- Currently, Zeppelin visualization ability is focus mainly on developers who know code in Scala Spark and SQL. I want to make Zeppelin easier for normal users who want to use Zeppelin visualization to analysis their data but have little coding knowledge.
- I will focus on analysing CSV files on Spark (or another structured file such as logs) which normal users want most to analysis and view visualization.
- I will create a function on a Zeppelin notebook to let the users choose CSV file to upload then I will read all fields in file to show for users to select: which fields they want to analysis, what is the name of fields they want to display, which data type of the fields (in some basic and simple types such as: String, Integer, Double, DateTime, Boolean).

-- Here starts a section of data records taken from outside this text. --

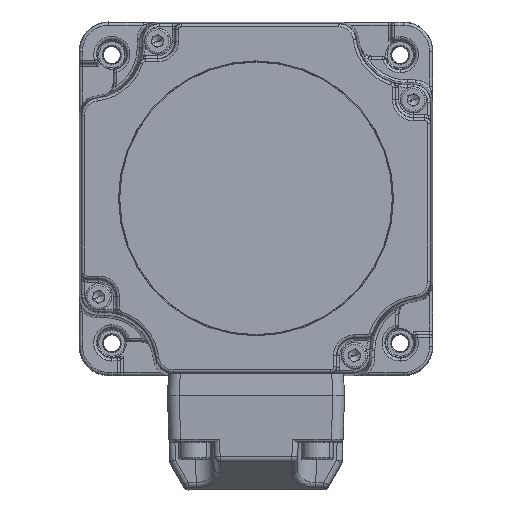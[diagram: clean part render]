
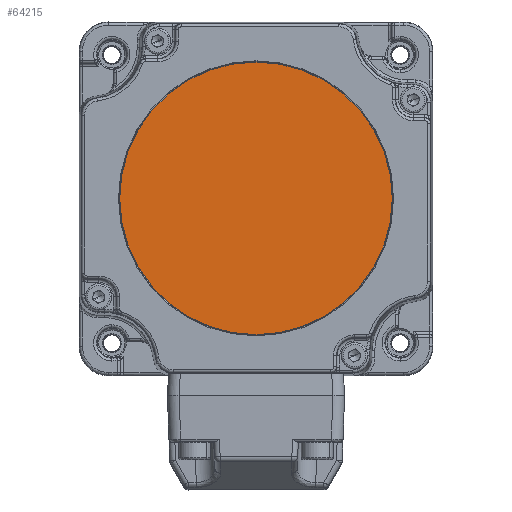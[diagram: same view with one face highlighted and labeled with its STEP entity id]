
A CAD part, top view. The second image highlights one B-rep face of the part: STEP entity #64215.
In plain terms, the highlighted planar face has unit normal (0, 0, 1).
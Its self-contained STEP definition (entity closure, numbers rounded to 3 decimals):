
#9331 = EDGE_CURVE ( 'NONE', #99548, #57317, #32406, .T. ) ;
#12915 = EDGE_CURVE ( 'NONE', #57317, #99548, #18823, .T. ) ;
#13586 = DIRECTION ( 'NONE',  ( 0., 0., 1. ) ) ;
#18823 = CIRCLE ( 'NONE', #82725, 23.4 ) ;
#27558 = DIRECTION ( 'NONE',  ( 0., 0., 1. ) ) ;
#32406 = CIRCLE ( 'NONE', #60040, 23.4 ) ;
#32787 = FACE_OUTER_BOUND ( 'NONE', #60426, .T. ) ;
#39677 = ORIENTED_EDGE ( 'NONE', *, *, #9331, .T. ) ;
#41444 = DIRECTION ( 'NONE',  ( 0., 0., -1. ) ) ;
#49531 = PLANE ( 'NONE',  #79063 ) ;
#57317 = VERTEX_POINT ( 'NONE', #75452 ) ;
#60040 = AXIS2_PLACEMENT_3D ( 'NONE', #62771, #13586, #94742 ) ;
#60426 = EDGE_LOOP ( 'NONE', ( #39677, #105536 ) ) ;
#61573 = CARTESIAN_POINT ( 'NONE',  ( -121.852, 149.681, 10.6 ) ) ;
#62771 = CARTESIAN_POINT ( 'NONE',  ( -121.852, 149.681, 10.6 ) ) ;
#64215 = ADVANCED_FACE ( 'NONE', ( #32787 ), #49531, .F. ) ;
#69150 = DIRECTION ( 'NONE',  ( -1., 0., 0. ) ) ;
#75452 = CARTESIAN_POINT ( 'NONE',  ( -98.452, 149.681, 10.6 ) ) ;
#78806 = CARTESIAN_POINT ( 'NONE',  ( -145.252, 149.681, 10.6 ) ) ;
#79063 = AXIS2_PLACEMENT_3D ( 'NONE', #82524, #41444, #87846 ) ;
#82524 = CARTESIAN_POINT ( 'NONE',  ( -121.852, 149.681, 10.6 ) ) ;
#82725 = AXIS2_PLACEMENT_3D ( 'NONE', #61573, #27558, #69150 ) ;
#87846 = DIRECTION ( 'NONE',  ( 0., -1., 0. ) ) ;
#94742 = DIRECTION ( 'NONE',  ( -1., 0., 0. ) ) ;
#99548 = VERTEX_POINT ( 'NONE', #78806 ) ;
#105536 = ORIENTED_EDGE ( 'NONE', *, *, #12915, .T. ) ;

- Then this function will upload this file to server and generates code to process file in Scala Spark. And next I will use Zeppelin REST API to create new paragraph (available from v0.6.0) and automatically run paragraph. After that I will have table object in Spark environment and I will create the basic SQL command: select * from <table_name> then using Zeppelin pivot table function to analysis data.
- As a result, the users will not have to code any more to have data to be analysed and visualized. If the users have code experience, they will use the generated code to make more complex SQL commands.
- By the way, I want to add more options to Zeppelin REST API such as:
+ When run a paragraph, you can choose which chart will be displayed first rather than table as default.